Sans-serif typeface

designed by Chris Simpson

18 Styles

9 Weights: Thin to Black
with matching italics

Best for

  • Headings (display text)
  • Long reading text (body text)
  • User Interfaces (functional text)

License

Free and Open Source

Specialty

A geometric sans-serif with clean capitals and interesting italics. Best for larger text and display – a great free alternative to popular Gotham.

My Metropolis Font Review

When I discovered Metropolis, I was immediately pulled in by its elegant and stable numerals and capitals. Inspired by geometric sans-serif classics like the wonderful Gotham, it conveys something clean, solid, and durable. This makes it especially suited for larger text – which is where I think its biggest strength lies.

Confident Titles
Worderful caps,
Feisty, relatively wide Italics.
For body text, the Regular weight feels slightly too airy, while the letter spacing remains tight. The Bold weight stands out strongly next to it. Overall, it seems friendly.
Look at these gorgeous numerals! I’d love to use these in a dashboard or the Black weight in a title.

Fairly interesting are the italics. They add something playful and organic, especially in letters like the lowercase single-storey ‘a’ and, most of all, the ‘e’. What I’m not so convinced of is Metropolis’s performance in body text or smaller UI text. It seems fairly light and tightly spaced, so it’s better to compensate for that.

Comparing Metropolis and Gotham – biggest difference is the rounded punctuation.

When comparing it to Gotham, you can see how similar Metropolis feels. Some letters are a bit wider, like the capital ‘M’, and I also have an issue with the ‘R’, which seems slightly unstable to me. For my taste, its leg sits a tiny bit too far to the left – but maybe that’s just me being picky 😂. You can also see how much impact the rounded punctuation has, giving Metropolis a softer and more approachable touch.

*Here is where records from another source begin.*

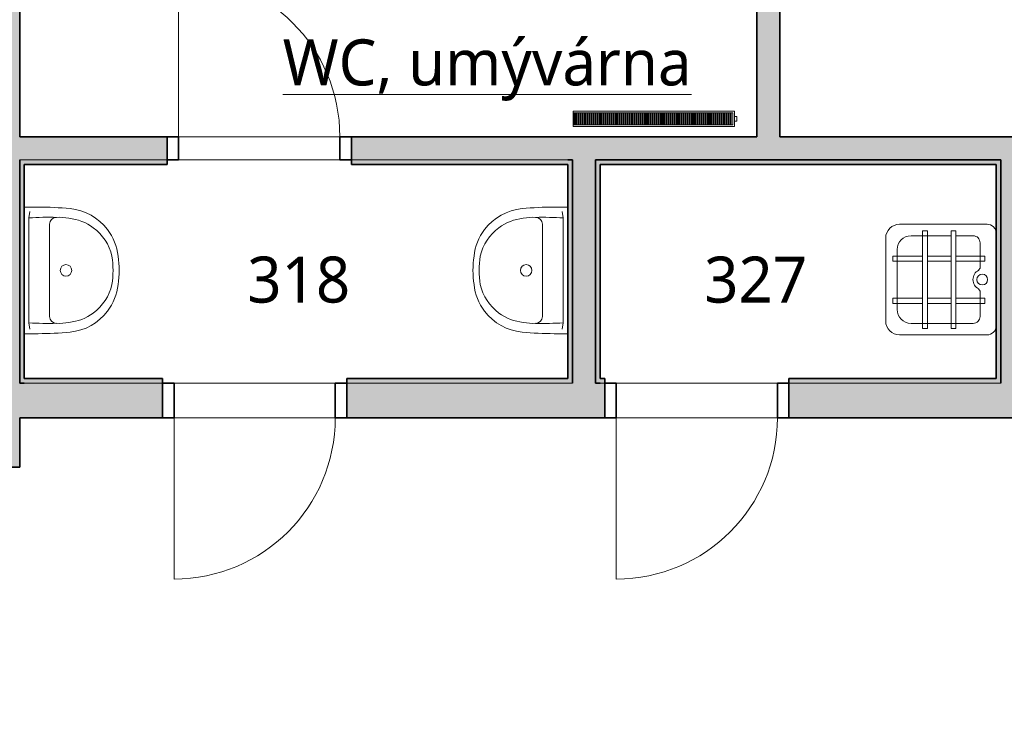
# Model space of a CAD drawing. Header units: metres. Extents: x -0.2 to 46.9, y -0.5 to 28.
# Tile 20 of 30: x 21.8 to 26.1, y 8.9 to 11.9. Entities that reach past the tile are written whole.
import ezdxf

# ---------------------------------------------------------------- set-up
doc = ezdxf.new("R2010")
doc.units = ezdxf.units.M
doc.linetypes.add('AV - Cerch_ 1 tecka 4mm', pattern=[0.006, 0.004, -0.001, 0, -0.001])
doc.layers.add('AV-MISTNOSTI', color=5, linetype='Continuous', lineweight=5, true_color=0x0000ff)
for name, color, linetype, lineweight in [('AV-SRAFY', 7, 'Continuous', 35), ('AV-STAVBA', 7, 'Continuous', 18), ('AV-VYBAVENI', 7, 'Continuous', 18)]:
    doc.layers.add(name, color=color, linetype=linetype, lineweight=lineweight)
doc.styles.add('Trebuchet MS_B', font='trebuc.ttf', dxfattribs={"height": 0.2})

# ---------------------------------------------------------------- blocks, each defined once
blk = doc.blocks.new('DO_1-P_Ocel_ - 700x1970_100-947632-3NP')
at = {"layer": 'AV-STAVBA', "color": 254, "true_color": 0xcccccc}
for p, q in [((-0.35, 0.75), (-0.35, 0.05)), ((-0.35, 0.05), (0.35, 0.05)), ((-0.35, -0.05), (0.35, -0.05))]:
    blk.add_line(p, q, dxfattribs=at)
at = {"layer": 'AV-STAVBA', "color": 254, "linetype": 'AV - Cerch_ 1 tecka 4mm', "true_color": 0xcccccc}
for p, q in [((-0.4, 0.05), (0.4, 0.05)), ((-0.35, 0.05), (0.35, 0.05)), ((-0.4, -0.05), (0.4, -0.05)), ((-0.35, -0.05), (0.35, -0.05))]:
    blk.add_line(p, q, dxfattribs=at)
at = {"layer": 'AV-STAVBA', "color": 254, "lineweight": 35, "true_color": 0xcccccc}
for p, q in [((-0.35, 0.05), (-0.4, 0.05)), ((-0.4, 0.05), (-0.4, -0.05)), ((-0.35, -0.05), (-0.35, 0.05)), ((0.4, 0.05), (0.35, 0.05)), ((0.35, 0.05), (0.35, -0.05)), ((0.4, -0.05), (0.4, 0.05)), ((-0.4, -0.05), (-0.35, -0.05)), ((0.35, -0.05), (0.4, -0.05))]:
    blk.add_line(p, q, dxfattribs=at)
at = {"layer": 'AV-STAVBA', "color": 254, "true_color": 0xcccccc}
blk.add_arc((-0.35, 0.05), 0.7, 0, 90, dxfattribs=at)
blk = doc.blocks.new('DO_1-L_Ocel_ - 700x1970_150-958473-3NP')
at = {"layer": 'AV-STAVBA', "color": 254, "true_color": 0xcccccc}
for p, q in [((0.35, 0.775), (0.35, 0.075)), ((-0.35, 0.075), (0.35, 0.075)), ((-0.35, -0.075), (0.35, -0.075))]:
    blk.add_line(p, q, dxfattribs=at)
at = {"layer": 'AV-STAVBA', "color": 254, "linetype": 'AV - Cerch_ 1 tecka 4mm', "true_color": 0xcccccc}
for p, q in [((-0.4, 0.075), (0.4, 0.075)), ((-0.35, 0.075), (0.35, 0.075)), ((-0.4, -0.075), (0.4, -0.075)), ((-0.35, -0.075), (0.35, -0.075))]:
    blk.add_line(p, q, dxfattribs=at)
at = {"layer": 'AV-STAVBA', "color": 254, "lineweight": 35, "true_color": 0xcccccc}
for p, q in [((-0.35, 0.075), (-0.4, 0.075)), ((-0.4, 0.075), (-0.4, -0.075)), ((-0.35, -0.075), (-0.35, 0.075)), ((0.4, 0.075), (0.35, 0.075)), ((0.35, 0.075), (0.35, -0.075)), ((0.4, -0.075), (0.4, 0.075)), ((-0.4, -0.075), (-0.35, -0.075)), ((0.35, -0.075), (0.4, -0.075))]:
    blk.add_line(p, q, dxfattribs=at)
at = {"layer": 'AV-STAVBA', "color": 254, "true_color": 0xcccccc}
blk.add_arc((0.35, 0.075), 0.7, 90, 180, dxfattribs=at)
blk = doc.blocks.new('Koncepční umyvadlo - 550x400-1470811-3NP')
at = {"layer": 'AV-VYBAVENI', "color": 254, "true_color": 0xccccff}
for p, q in [((-0.075, 0.12), (0.125, 0.12)), ((0.125, 0.12), (0.325, 0.12)), ((-0.15, 0.0696), (-0.15, 0.01)), ((0.4, 0.01), (0.4, 0.0696)), ((-0.13, 0.0342), (-0.1027, 0.03)), ((-0.1027, 0.03), (0.3527, 0.03)), ((0.3527, 0.03), (0.38, 0.0342))]:
    blk.add_line(p, q, dxfattribs=at)
blk.add_circle((0.125, 0.191), 0.025, dxfattribs=at)
for centre, radius, start, end in [((0.1108, 0.183), 0.2128, 102.9464, 143.5152), ((0.087, 0.1893), 0.2291, 95.9722, 127.4241), ((0.125, 0.0213), 0.4007, 81.122, 98.878), ((0.125, -0.0054), 0.4007, 81.122, 98.878), ((0.163, 0.1893), 0.2291, 52.5759, 84.0278), ((0.1392, 0.183), 0.2128, 36.4848, 77.0536), ((0.0863, 0.1873), 0.2303, 126.9872, 174.6397), ((0.1637, 0.1873), 0.2303, 5.3603, 53.0128), ((0.1142, 0.1817), 0.2163, 143.7612, 174.2094), ((0.1358, 0.1817), 0.2163, 5.7906, 36.2388), ((1.3731, 0.0627), 1.5231, 174.4928, 179.7382), ((0.092, 0.1621), 0.1973, 167.8887, 183.5287), ((0.158, 0.1621), 0.1973, 356.4713, 12.1113), ((-1.1231, 0.0627), 1.5231, 0.2618, 5.5072), ((1.2179, 0.1148), 1.3234, 178.4771, 183.6753), ((-0.075, 0.15), 0.03, 180, 270), ((0.325, 0.15), 0.03, 270, 360), ((-0.9659, 0.1148), 1.3213, 356.3208, 1.5269)]:
    blk.add_arc(centre, radius, start, end, dxfattribs=at)
blk = doc.blocks.new('Koncepční Výlevka - 480x480-1479807-3NP')
at = {"layer": 'AV-VYBAVENI', "color": 254, "true_color": 0xccccff}
for p, q in [((-0.055, 0.49), (0.3052, 0.49)), ((-0.115, 0.05), (-0.115, 0.4302)), ((-0.005, 0.44), (0.2552, 0.44)), ((0.0209, 0.4593), (0.0436, 0.4593)), ((0.0209, 0.33), (0.0209, 0.4593)), ((0.0436, 0.4593), (0.0436, 0.33)), ((0.2043, 0.4593), (0.2271, 0.4593)), ((0.2043, 0.33), (0.2043, 0.4593)), ((0.2271, 0.4593), (0.2271, 0.33)), ((0.365, 0.43), (0.365, 0.0502)), ((-0.065, 0.11), (-0.065, 0.3801)), ((0.315, 0.3801), (0.315, 0.2064)), ((-0.0872, 0.33), (0.3365, 0.33)), ((-0.0872, 0.3087), (-0.0872, 0.33)), ((0.3365, 0.3087), (-0.0872, 0.3087)), ((0.0209, 0.2064), (0.0209, 0.3087)), ((0.0436, 0.3087), (0.0436, 0.2064)), ((0.2043, 0.2064), (0.2043, 0.3087)), ((0.2271, 0.3087), (0.2271, 0.2064)), ((0.3365, 0.33), (0.3365, 0.3087)), ((-0.0872, 0.2064), (0.3365, 0.2064)), ((-0.0872, 0.1851), (-0.0872, 0.2064)), ((0.3365, 0.1851), (-0.0872, 0.1851)), ((0.0209, 0.0601), (0.0209, 0.1851)), ((0.0436, 0.1851), (0.0436, 0.0601)), ((0.2043, 0.0601), (0.2043, 0.1851)), ((0.2271, 0.1851), (0.2271, 0.0601)), ((0.315, 0.1851), (0.315, 0.1101)), ((0.3365, 0.2064), (0.3365, 0.1851)), ((0.0752, 0.08), (0.0846, 0.0864)), ((0.1654, 0.0864), (0.1748, 0.08)), ((-0.035, 0.08), (0.0752, 0.08)), ((0.0436, 0.0601), (0.0209, 0.0601)), ((0.1748, 0.08), (0.285, 0.08)), ((0.2271, 0.0601), (0.2043, 0.0601))]:
    blk.add_line(p, q, dxfattribs=at)
blk.add_circle((0.125, 0.0707), 0.0234, dxfattribs=at)
for centre, radius, start, end in [((-0.055, 0.43), 0.06, 90, 179.8089), ((0.305, 0.43), 0.06, 0, 89.814), ((-0.005, 0.38), 0.06, 90, 179.8704), ((0.255, 0.38), 0.06, 0.0969, 89.8146), ((-0.035, 0.11), 0.03, 180, 270.0785), ((0.125, 0.0659), 0.0453, 26.8261, 153.1739), ((0.285, 0.11), 0.03, 270, 0.1474), ((-0.075, 0.05), 0.04, 180, 270), ((0.325, 0.05), 0.04, 270, 0.2341)]:
    blk.add_arc(centre, radius, start, end, dxfattribs=at)
blk = doc.blocks.new('D0089 - 1514 - OÚPSŘ_Benešova_rvt-1-3NP')
at = {"layer": 'AV-SRAFY', "lineweight": 18, "true_color": 0xcccccc}
h = blk.add_hatch(color=254, dxfattribs=at)
h.paths.add_polyline_path([(21.7948, 8.3782), (21.7948, 8.5932), (21.6448, 8.5932), (21.6448, 8.3782)])
h.paths.add_polyline_path([(21.7948, 9.9432), (21.7948, 14.0482), (21.6448, 14.0482), (21.6448, 9.9432)])
for points in [[(24.9948, 11.3782), (25.0948, 11.3782), (25.0948, 14.0482), (24.9948, 14.0482), (24.9948, 11.389)], [(24.2948, 10.3082), (24.2948, 11.3782), (24.1948, 11.3782), (24.1948, 10.3082)], [(24.2948, 11.2782), (26.1548, 11.2782), (26.1548, 11.3782), (24.2948, 11.3782)], [(21.8148, 10.3082), (21.8148, 11.2582), (21.7948, 11.2582), (21.7948, 10.3082)], [(24.1948, 10.3282), (24.1948, 11.2782), (24.1748, 11.2782), (24.1748, 10.3282)], [(25.8487, 11.2582), (26.0348, 11.2582), (26.0348, 11.2782), (24.2948, 11.2782), (24.2948, 11.2582), (24.8509, 11.2582)], [(24.3148, 10.3082), (24.3148, 11.2582), (24.2948, 11.2582), (24.2948, 10.3082)], [(26.0548, 10.3282), (26.0548, 11.2782), (26.0348, 11.2782), (26.0348, 10.3282)], [(26.0548, 10.3082), (26.1548, 10.3082), (26.1548, 11.2782), (26.0548, 11.2782)]]:
    blk.add_hatch(color=254, dxfattribs=at).paths.add_polyline_path(points)
h = blk.add_hatch(color=254, dxfattribs=at)
h.paths.add_polyline_path([(24.1948, 11.2782), (24.1948, 11.3782), (23.2348, 11.3782), (23.2348, 11.2782), (24.1748, 11.2782)])
h.paths.add_polyline_path([(22.4348, 11.2782), (22.4348, 11.3782), (21.7948, 11.3782), (21.7948, 11.2782), (21.8574, 11.2782)])
h = blk.add_hatch(color=254, dxfattribs=at)
h.paths.add_polyline_path([(22.4348, 11.2582), (22.4348, 11.2782), (21.7948, 11.2782), (21.7948, 11.2582), (21.8574, 11.2582)])
h.paths.add_polyline_path([(23.8531, 11.2582), (24.1748, 11.2582), (24.1748, 11.2782), (23.2348, 11.2782), (23.2348, 11.2582)])
h = blk.add_hatch(color=254, dxfattribs=at)
h.paths.add_polyline_path([(34.0148, 10.1582), (34.0148, 10.3082), (32.0698, 10.3082), (32.0698, 10.1582)])
h.paths.add_polyline_path([(31.1698, 10.1582), (31.1698, 10.3082), (27.9748, 10.3082), (27.9748, 10.1582), (29.84, 10.1582)])
h.paths.add_polyline_path([(21.8574, 10.1582), (22.4148, 10.1582), (22.4148, 10.3082), (21.7948, 10.3082), (21.7948, 10.1582)])
h.paths.add_polyline_path([(23.2148, 10.1582), (24.3348, 10.1582), (24.3348, 10.3082), (23.2148, 10.3082)])
h.paths.add_polyline_path([(25.8487, 10.1582), (27.1748, 10.1582), (27.1748, 10.3082), (25.1348, 10.3082), (25.1348, 10.1582)])
h = blk.add_hatch(color=254, dxfattribs=at)
h.paths.add_polyline_path([(21.8148, 10.3082), (22.4148, 10.3082), (22.4148, 10.3282), (21.8148, 10.3282)])
h.paths.add_polyline_path([(24.1948, 10.3082), (24.1948, 10.3282), (23.2148, 10.3282), (23.2148, 10.3082), (23.8531, 10.3082)])
h = blk.add_hatch(color=254, dxfattribs=at)
h.paths.add_polyline_path([(25.1348, 10.3082), (26.0548, 10.3082), (26.0548, 10.3282), (25.1348, 10.3282)])
h.paths.add_polyline_path([(24.3148, 10.3082), (24.3348, 10.3082), (24.3348, 10.3282), (24.3148, 10.3282)])
at = {"layer": 'AV-STAVBA', "color": 254, "lineweight": 35, "true_color": 0xcccccc}
for p, q in [((21.7948, 11.3782), (21.7948, 12.7482)), ((24.9948, 12.7482), (24.9948, 11.3782)), ((25.0948, 11.3782), (25.0948, 12.7482)), ((22.4348, 11.3782), (21.7948, 11.3782)), ((22.4348, 11.2782), (22.4348, 11.3782)), ((24.1948, 11.3782), (23.2348, 11.3782)), ((23.2348, 11.3782), (23.2348, 11.2782)), ((24.2948, 11.3782), (24.1948, 11.3782)), ((24.9948, 11.3782), (24.2948, 11.3782)), ((26.1548, 11.3782), (25.0948, 11.3782)), ((21.7948, 10.3082), (21.7948, 11.2782)), ((21.7948, 11.2782), (21.7948, 11.2582)), ((21.7948, 11.2582), (21.7948, 10.3082)), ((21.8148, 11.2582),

Font Pairings with Metropolis

Metropolis is a geometric, linear sans-serif typeface. Use it for lager text and pair it with something more contrasting for your body text or something narrower for functional text.

Metropolis (free)
Metropolis (free)
  • Headings
  • Copy
  • UI Text

Learn more about pairing typefaces using the Font Matrix.


What do think? What do you like or dislike about Metropolis? Tell me it in the comments!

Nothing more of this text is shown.